I was recently part of a panel at #SRECon, where I shared my thoughts on how to onboard Site Reliability Engineers (SREs). For those who missed it, I’m sharing what I discussed for those who are either considering joining an SRE team or are actively onboarding/managing SREs.
I graduated from a program called Digital Futures, where I studied game design, programming installations and wearable tech. After working for a bit in the design industry, I decided I wanted to be programming instead. When I started at CircleCI, I was a Junior DevOps engineer, handling scaling and daily server maintenance.
The job didn’t require in-depth technical knowledge or programming skill, but it did require learning quickly and adapting to a changing environment. In fact, it’s worth listing the non-technical qualities of a potential SRE:
What to Look For in a Potential SRE
- Curious: Pokes things and takes them apart. Researches topics and asks questions.
- Determined: Sees tasks through against all odds.
- Self-taught: Reads books/documentation and experiments with tools.
- Adaptable: Has a positive attitude towards change. This job constantly changes.
- Automates: Creates systems (not necessarily technical) to solve repetitive problems and increase efficiency.
- Calm: Works well under pressure or emergency situations.
All these qualities are what make an SRE thrive in their environment and get up to speed quickly.
Getting Up to Speed As An SRE
Read the docs and revise them. By editing them and finding errors, you’ll be filling in gaps in your own knowledge. Sometimes these docs won’t exist. In those cases, make them. Don’t worry if you don’t understand everything; that comes with time.
Attend meetings and listen to how people speak about systems and concepts. Get the lingo down so you’re not tripping over terminology. Take notes to reinforce your learning.
Poke around and ask questions. Don’t be afraid to ask what a script does or why it’s being run. Don’t ask questions at bad times, like during an incident or when everyone’s gone home for the day or on holidays.
For Your Manager
Pair program with your new SRE and encourage them to shadow experienced engineers. A new engineer will learn much more quickly with a real human on real projects than by reading docs.
Make sure your team keeps the docs up to date. You won’t always be able to spare the engineers for a pairing session, so it’s important to have context and details available elsewhere.
Give manageable projects with clear goals. Open-ended projects can be intimidating to new engineers who don’t know the codebase. Structure is your friend.
Gradually introduce SREs to being on call. Have them shadow other SREs while they put out fires. Next, let them do it themselves with other SREs on standby.
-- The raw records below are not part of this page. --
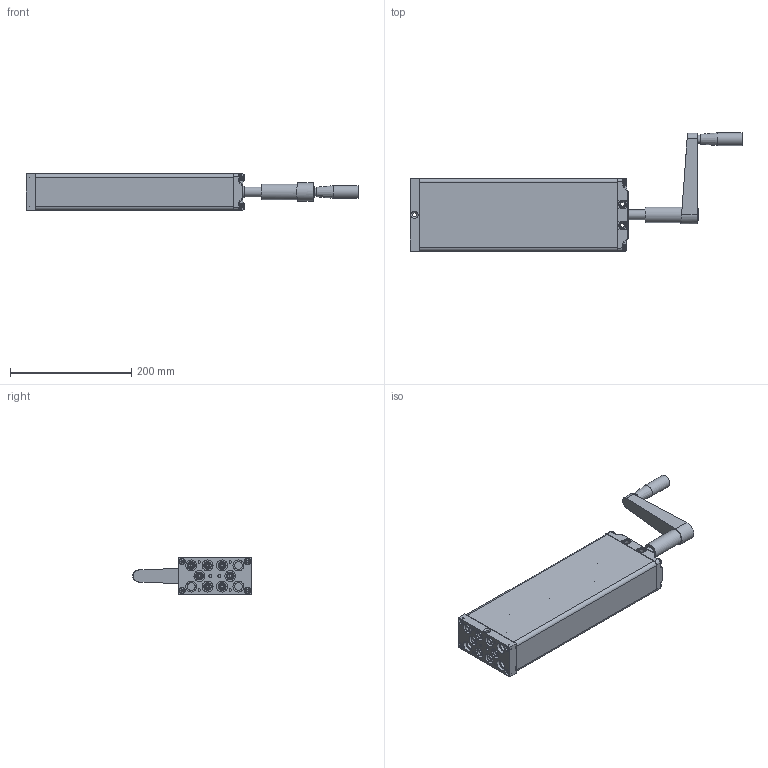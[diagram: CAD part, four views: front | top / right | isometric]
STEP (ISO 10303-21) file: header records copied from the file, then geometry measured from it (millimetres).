
FILE_DESCRIPTION(/* description */ ('Unknown'),/* implementation_level */ '2;1');
FILE_NAME(/* name */ '312.20262 Pumpe PB 7820 W mit Handkurbel',/* time_stamp */ '2016-11-25T10:15:34+01:00',/* author */ ('Unknown'),/* organization */ ('Unknown'),/* preprocessor_version */ 'ST-DEVELOPER v16.7',/* originating_system */ 'DEX',/* authorisation */ $);
FILE_SCHEMA (('AUTOMOTIVE_DESIGN {1 0 10303 214 3 1 1}'));
Products named in the file (23): 102.20262; 115.10032; 125.00061; 115.00008; 142.00021; 125.00021; 113.00005; 128.00001; 125.00052; 126.00013; 125.00053; 127.00014; Handgriff; 142.00013; 125.00142; 115.00140; 126.00006; 122.00040; 119.00042; 126.00036; 142.00057; 142.00083; 142.00017
Assembly tree (39 placements, depth 3):
  102.20262
    115.10032  x7
      125.00061
      115.00008
      142.00021
      125.00021
    113.00005
      128.00001
      125.00052
      126.00013
      125.00053
      127.00014
      Handgriff
    142.00013  x8
    125.00142
    115.00140
      126.00006
      122.00040
    119.00042
    126.00036
    142.00057
    142.00083  x4
    142.00017  x2
Bounding box: 548.75 x 195.5 x 60.3 mm (x, y, z)
Volume: 658906 mm3; surface area: 385127.3 mm2
Topology: 47 solids, 47 shells, 2184 faces, 4963 edges, 2903 vertices
Faces by surface type: plane 791, cylinder 497, bspline 380, cone 351, torus 108, sphere 57
Full cylindrical faces by diameter (mm): 3.5 x7, 4 x2, 4.1 x7, 4.134 x4, 4.2 x8, 4.917 x4, 5 x12, 5.8 x4, 6 x2, 6.8 x1, 6.917 x14, 8 x16, 8.5 x4, 9.8 x8, 10 x6, 10.4 x1, 10.5 x4, 12.5 x7, 12.8 x1, 13 x25, 14 x1, 14.4 x7, 16 x2, 17 x1, 17.9 x14, 18 x11, 19 x1, 20.6 x1, 21 x1, 22 x1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
Entity records: 64061 total; most frequent: CARTESIAN_POINT 30506, ORIENTED_EDGE 5368, DIRECTION 4817, EDGE_CURVE 2684, AXIS2_PLACEMENT_3D 1875, VERTEX_POINT 1709, FACE_BOUND 1541, EDGE_LOOP 1538

Finally, let them have the full responsibility, with mentorship as needed.
For Your Teammates
Don’t give answers to the new SRE person. Ask leading questions and allow them to arrive at conclusions on their own. These memories and lessons last longer.
Show them where to look. If there are helpful docs that aren’t obvious, point them out. Showing them the process of finding information at your org is helpful as well.
Have your new SREs go through the docs. Fresh eyes means fresh finds, and they’ll learn about the product as they correct mistakes and fix holes.
Don’t assume they know what you’re talking about. Define concepts, terminology or jargon that are unique to your organization. Confirm their understanding by asking them if things make sense. If they’re not asking questions, it’s too easy or too hard. Figure out which.
Don’t dump knowledge. Talk about why you’re sharing something and how you learned it. Don’t expect your new SRE to remember everything on the first try.
Explain your escalation policies. Keep them airtight by ensuring you have redundancy and multiple backup contacts.
Share war stories. Knowing the CTO took all of production down for more than 24 hours and still has a job can be extremely comforting to a new SRE.
More detail is preferable. It gives a new SRE the chance to say, “I already know that,” instead of “I don’t understand a single word you just said, can you start over?” It’s a small way to give them a confidence boost and keep them motivated.
Thinking About Failure
Since risk is always present, it helps to define how your organization thinks about it. We think that:
Post-mortems should be blameless. Most incidents involve many factors; pointing fingers doesn’t help find them.
Mistakes should be congratulated. This means your new SREs are learning!
War stories are badges of honour and should be worn with pride. Share these stories freely. This will help new SREs understand that:
- Failure happens.
- Failure will happen on your watch.
- You need to be prepared to deal with failure when it happens.
- You will still have a job when you fail.
Onboarding an SRE is really not that different from onboarding a vanilla software engineer. There’s just more risk and thus more fear. Hopefully these best practices and info will help you, whether you’re looking for potential hires, starting an SRE role, or helping someone else start theirs.
Huge thanks to Ruth Wong for organizing the panel and thanks to @lizthegrey and @jennski for tweeting about what we discussed.